Pull every line containing "weights" from the listing below.

(Beginning of Data for this exercise)

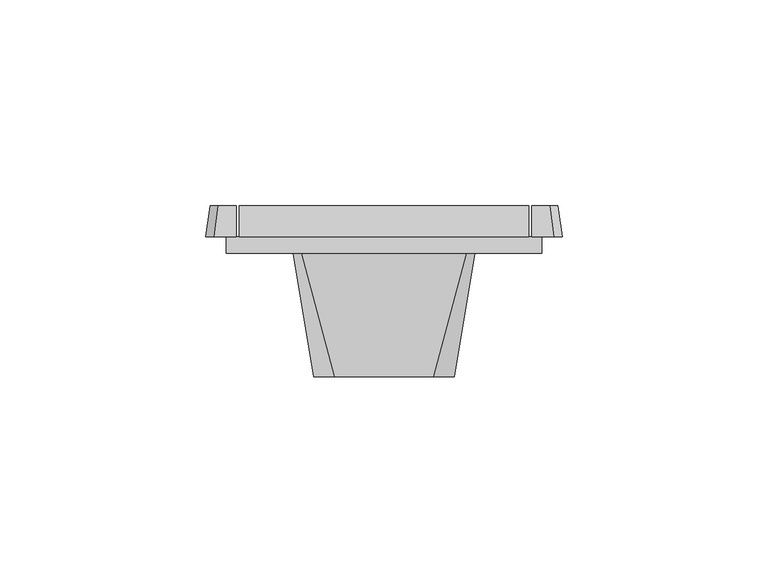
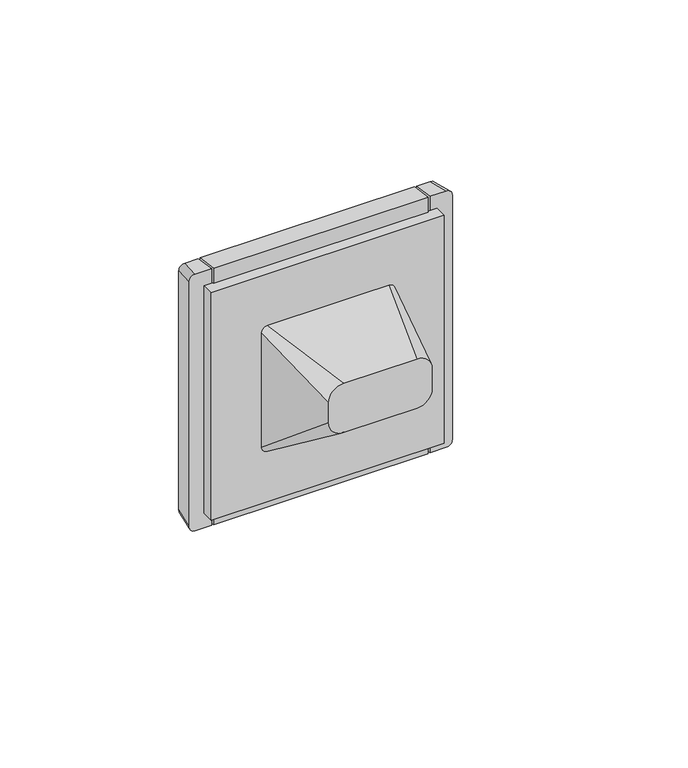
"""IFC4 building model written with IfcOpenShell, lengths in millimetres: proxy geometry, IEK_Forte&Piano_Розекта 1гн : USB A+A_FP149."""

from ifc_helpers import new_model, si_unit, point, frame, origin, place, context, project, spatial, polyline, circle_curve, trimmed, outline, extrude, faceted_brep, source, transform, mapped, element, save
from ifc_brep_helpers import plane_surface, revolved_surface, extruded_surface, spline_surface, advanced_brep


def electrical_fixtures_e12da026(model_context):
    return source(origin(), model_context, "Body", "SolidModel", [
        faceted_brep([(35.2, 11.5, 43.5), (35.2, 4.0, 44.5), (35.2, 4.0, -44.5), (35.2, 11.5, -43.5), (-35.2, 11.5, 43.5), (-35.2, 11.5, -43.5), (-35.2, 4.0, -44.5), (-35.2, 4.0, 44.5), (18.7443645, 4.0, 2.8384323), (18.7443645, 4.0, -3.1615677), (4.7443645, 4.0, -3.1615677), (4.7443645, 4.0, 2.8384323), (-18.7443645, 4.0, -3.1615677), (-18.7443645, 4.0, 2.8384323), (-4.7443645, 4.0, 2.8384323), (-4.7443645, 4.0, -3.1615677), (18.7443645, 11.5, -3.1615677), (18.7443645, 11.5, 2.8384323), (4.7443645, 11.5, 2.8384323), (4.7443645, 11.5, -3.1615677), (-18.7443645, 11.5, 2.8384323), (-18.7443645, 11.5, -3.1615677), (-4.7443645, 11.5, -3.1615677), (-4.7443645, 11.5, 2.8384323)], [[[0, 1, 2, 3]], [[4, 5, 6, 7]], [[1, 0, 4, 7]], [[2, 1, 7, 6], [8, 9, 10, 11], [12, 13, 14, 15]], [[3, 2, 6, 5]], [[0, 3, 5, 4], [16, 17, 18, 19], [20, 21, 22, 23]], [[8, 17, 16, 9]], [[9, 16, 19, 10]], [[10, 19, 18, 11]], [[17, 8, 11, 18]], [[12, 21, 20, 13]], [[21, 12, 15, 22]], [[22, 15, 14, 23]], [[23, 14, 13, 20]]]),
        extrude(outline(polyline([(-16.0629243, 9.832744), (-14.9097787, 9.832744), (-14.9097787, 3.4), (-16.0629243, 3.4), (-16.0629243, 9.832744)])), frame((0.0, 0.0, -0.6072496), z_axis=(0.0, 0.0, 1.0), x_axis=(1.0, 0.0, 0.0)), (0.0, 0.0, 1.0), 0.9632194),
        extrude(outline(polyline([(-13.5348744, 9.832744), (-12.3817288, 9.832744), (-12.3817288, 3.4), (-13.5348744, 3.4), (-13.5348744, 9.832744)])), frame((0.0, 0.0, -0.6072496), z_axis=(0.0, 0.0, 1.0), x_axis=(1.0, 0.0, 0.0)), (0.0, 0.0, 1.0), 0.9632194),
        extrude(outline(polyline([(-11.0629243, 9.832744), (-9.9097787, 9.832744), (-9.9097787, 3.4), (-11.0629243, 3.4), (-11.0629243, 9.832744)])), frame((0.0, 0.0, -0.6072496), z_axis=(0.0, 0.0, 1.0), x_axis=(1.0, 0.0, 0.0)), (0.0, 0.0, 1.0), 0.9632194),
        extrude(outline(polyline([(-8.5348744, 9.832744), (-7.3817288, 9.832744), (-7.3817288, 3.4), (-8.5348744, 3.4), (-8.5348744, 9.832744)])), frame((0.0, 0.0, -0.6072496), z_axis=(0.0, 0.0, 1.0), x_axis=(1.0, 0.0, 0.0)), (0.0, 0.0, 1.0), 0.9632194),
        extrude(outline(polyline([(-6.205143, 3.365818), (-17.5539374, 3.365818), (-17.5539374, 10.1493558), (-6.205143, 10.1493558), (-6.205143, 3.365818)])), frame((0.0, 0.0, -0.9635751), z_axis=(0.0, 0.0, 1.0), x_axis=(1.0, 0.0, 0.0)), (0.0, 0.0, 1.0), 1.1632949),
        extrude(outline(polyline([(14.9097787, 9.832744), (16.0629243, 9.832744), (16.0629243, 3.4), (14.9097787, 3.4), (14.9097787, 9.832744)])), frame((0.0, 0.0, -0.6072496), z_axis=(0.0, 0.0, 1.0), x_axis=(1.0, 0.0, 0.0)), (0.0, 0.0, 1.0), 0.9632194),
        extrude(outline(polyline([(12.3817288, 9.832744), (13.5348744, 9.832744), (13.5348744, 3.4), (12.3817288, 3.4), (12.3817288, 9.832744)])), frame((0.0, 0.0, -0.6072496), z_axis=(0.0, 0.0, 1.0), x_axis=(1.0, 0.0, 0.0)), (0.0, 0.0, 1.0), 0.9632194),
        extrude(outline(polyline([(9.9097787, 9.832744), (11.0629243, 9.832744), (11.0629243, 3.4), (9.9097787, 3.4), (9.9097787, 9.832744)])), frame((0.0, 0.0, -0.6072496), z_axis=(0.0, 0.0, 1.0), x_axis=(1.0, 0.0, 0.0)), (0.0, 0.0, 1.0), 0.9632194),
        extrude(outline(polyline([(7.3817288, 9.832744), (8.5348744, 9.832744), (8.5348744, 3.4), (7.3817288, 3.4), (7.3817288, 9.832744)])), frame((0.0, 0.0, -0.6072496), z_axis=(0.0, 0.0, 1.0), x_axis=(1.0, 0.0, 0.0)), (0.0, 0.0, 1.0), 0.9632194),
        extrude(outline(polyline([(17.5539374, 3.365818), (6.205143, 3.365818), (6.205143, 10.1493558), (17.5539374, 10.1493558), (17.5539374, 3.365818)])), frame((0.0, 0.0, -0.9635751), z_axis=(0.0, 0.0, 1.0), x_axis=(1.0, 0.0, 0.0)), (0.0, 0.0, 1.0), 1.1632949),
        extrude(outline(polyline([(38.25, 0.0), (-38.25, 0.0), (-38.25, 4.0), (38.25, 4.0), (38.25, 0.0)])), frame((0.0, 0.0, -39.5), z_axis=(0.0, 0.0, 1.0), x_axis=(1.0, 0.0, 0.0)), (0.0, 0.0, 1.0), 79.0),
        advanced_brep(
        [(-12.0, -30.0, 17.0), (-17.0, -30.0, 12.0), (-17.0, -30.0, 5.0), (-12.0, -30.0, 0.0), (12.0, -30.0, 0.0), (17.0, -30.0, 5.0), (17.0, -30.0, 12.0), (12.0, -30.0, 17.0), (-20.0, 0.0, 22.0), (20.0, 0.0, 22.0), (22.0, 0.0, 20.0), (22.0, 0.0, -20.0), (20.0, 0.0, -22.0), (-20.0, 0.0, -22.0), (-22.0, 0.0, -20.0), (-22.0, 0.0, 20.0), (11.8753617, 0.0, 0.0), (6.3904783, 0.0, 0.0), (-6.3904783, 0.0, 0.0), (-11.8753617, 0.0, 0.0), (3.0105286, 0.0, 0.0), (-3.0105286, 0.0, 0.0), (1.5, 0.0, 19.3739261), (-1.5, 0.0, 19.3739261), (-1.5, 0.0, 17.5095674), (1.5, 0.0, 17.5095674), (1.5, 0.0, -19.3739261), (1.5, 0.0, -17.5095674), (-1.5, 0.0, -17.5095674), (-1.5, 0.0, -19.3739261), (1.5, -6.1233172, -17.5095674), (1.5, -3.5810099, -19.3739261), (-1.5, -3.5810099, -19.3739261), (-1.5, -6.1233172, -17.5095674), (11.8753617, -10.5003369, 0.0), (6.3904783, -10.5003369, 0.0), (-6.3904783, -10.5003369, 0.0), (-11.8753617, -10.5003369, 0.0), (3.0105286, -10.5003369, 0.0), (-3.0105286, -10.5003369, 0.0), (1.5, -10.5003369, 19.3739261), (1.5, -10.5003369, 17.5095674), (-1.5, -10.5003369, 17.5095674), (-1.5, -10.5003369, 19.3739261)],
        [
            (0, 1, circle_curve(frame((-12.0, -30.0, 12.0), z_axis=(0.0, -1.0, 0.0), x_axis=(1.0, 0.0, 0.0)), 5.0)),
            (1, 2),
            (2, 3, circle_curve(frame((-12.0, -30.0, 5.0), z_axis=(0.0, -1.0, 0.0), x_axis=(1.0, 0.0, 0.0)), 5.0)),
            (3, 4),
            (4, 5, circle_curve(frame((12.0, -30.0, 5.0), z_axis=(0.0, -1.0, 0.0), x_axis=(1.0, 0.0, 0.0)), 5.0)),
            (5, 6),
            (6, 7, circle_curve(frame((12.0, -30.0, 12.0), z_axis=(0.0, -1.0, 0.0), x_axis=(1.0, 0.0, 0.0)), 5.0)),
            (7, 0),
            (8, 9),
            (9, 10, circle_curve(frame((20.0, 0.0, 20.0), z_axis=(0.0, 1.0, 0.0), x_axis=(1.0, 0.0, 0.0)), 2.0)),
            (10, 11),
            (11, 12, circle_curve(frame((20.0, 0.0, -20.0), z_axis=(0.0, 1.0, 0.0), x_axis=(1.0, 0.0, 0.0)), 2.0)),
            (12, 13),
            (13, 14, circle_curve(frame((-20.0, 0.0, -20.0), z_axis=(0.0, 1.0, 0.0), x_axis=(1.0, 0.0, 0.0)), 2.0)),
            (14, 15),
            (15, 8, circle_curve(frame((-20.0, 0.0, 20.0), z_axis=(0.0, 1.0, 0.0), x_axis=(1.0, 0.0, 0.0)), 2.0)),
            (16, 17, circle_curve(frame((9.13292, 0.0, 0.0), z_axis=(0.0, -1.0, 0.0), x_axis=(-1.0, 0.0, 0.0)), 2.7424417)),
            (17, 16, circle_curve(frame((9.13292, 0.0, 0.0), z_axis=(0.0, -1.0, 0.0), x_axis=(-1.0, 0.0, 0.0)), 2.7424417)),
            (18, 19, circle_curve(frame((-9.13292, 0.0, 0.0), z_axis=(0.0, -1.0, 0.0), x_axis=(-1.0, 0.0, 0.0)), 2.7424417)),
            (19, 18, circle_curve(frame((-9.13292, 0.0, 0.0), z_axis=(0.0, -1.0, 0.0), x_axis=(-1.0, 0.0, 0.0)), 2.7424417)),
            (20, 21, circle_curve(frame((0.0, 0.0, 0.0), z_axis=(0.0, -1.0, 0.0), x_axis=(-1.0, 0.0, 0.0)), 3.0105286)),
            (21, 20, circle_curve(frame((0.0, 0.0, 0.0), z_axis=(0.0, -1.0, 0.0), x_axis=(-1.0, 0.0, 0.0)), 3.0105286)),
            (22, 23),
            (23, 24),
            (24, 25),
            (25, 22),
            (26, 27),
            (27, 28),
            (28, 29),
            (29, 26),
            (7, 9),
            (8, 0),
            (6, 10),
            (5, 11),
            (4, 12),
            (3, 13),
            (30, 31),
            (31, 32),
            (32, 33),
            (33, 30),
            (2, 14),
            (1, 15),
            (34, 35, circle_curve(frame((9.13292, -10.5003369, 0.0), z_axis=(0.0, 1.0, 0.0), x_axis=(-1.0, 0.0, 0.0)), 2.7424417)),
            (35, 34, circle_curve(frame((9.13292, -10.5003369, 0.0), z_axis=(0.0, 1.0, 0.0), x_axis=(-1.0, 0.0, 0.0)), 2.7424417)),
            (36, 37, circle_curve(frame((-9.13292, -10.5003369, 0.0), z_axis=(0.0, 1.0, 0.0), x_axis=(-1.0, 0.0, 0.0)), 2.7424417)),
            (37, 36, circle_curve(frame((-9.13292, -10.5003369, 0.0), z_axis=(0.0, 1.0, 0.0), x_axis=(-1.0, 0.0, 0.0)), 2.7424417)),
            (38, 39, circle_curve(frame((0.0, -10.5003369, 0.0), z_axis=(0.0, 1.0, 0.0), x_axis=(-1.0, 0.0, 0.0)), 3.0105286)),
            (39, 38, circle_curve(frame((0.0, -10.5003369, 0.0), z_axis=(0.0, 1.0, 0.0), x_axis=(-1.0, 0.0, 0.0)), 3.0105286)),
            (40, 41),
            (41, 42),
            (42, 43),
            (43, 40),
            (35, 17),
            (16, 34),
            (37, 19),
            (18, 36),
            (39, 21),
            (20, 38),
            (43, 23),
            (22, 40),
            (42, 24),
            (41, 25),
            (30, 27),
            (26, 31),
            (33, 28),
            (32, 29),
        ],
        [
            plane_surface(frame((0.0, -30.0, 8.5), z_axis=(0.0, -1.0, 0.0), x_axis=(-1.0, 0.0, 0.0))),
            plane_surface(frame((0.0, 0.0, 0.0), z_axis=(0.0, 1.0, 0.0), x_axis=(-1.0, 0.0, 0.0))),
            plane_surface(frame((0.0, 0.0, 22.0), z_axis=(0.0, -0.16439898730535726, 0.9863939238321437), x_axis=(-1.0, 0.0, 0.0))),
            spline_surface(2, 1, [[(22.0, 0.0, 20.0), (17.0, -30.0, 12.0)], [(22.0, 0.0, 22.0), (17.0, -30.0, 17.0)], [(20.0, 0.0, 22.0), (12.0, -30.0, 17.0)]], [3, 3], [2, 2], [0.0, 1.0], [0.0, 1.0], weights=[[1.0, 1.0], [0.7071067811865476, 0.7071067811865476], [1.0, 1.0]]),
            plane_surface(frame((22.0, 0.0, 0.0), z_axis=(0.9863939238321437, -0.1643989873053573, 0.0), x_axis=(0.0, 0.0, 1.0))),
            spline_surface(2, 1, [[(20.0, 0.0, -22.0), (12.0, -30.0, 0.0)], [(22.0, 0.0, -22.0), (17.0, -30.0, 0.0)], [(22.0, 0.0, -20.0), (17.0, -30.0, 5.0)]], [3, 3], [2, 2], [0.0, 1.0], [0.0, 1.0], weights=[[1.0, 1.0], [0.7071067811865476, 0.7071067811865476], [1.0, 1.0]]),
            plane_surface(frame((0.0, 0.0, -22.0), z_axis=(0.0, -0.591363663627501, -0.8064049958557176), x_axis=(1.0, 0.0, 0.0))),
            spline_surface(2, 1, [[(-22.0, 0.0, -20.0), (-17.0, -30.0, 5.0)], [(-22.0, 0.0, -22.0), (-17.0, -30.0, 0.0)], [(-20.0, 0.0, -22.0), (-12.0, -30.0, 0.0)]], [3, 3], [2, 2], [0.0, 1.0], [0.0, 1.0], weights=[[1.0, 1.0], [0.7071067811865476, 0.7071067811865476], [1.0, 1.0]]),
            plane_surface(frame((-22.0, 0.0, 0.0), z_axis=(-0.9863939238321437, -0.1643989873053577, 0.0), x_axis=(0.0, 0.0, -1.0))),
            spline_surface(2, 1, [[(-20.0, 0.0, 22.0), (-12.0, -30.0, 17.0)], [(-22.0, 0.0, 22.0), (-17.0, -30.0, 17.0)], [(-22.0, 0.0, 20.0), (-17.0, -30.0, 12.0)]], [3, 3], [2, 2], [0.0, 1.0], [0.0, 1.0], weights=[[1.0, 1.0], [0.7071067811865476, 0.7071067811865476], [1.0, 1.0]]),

(End of Data for this exercise)

* Result for this task:
            spline_surface(2, 1, [[(22.0, 0.0, 20.0), (17.0, -30.0, 12.0)], [(22.0, 0.0, 22.0), (17.0, -30.0, 17.0)], [(20.0, 0.0, 22.0), (12.0, -30.0, 17.0)]], [3, 3], [2, 2], [0.0, 1.0], [0.0, 1.0], weights=[[1.0, 1.0], [0.7071067811865476, 0.7071067811865476], [1.0, 1.0]]),
            spline_surface(2, 1, [[(20.0, 0.0, -22.0), (12.0, -30.0, 0.0)], [(22.0, 0.0, -22.0), (17.0, -30.0, 0.0)], [(22.0, 0.0, -20.0), (17.0, -30.0, 5.0)]], [3, 3], [2, 2], [0.0, 1.0], [0.0, 1.0], weights=[[1.0, 1.0], [0.7071067811865476, 0.7071067811865476], [1.0, 1.0]]),
            spline_surface(2, 1, [[(-22.0, 0.0, -20.0), (-17.0, -30.0, 5.0)], [(-22.0, 0.0, -22.0), (-17.0, -30.0, 0.0)], [(-20.0, 0.0, -22.0), (-12.0, -30.0, 0.0)]], [3, 3], [2, 2], [0.0, 1.0], [0.0, 1.0], weights=[[1.0, 1.0], [0.7071067811865476, 0.7071067811865476], [1.0, 1.0]]),
            spline_surface(2, 1, [[(-20.0, 0.0, 22.0), (-12.0, -30.0, 17.0)], [(-22.0, 0.0, 22.0), (-17.0, -30.0, 17.0)], [(-22.0, 0.0, 20.0), (-17.0, -30.0, 12.0)]], [3, 3], [2, 2], [0.0, 1.0], [0.0, 1.0], weights=[[1.0, 1.0], [0.7071067811865476, 0.7071067811865476], [1.0, 1.0]]),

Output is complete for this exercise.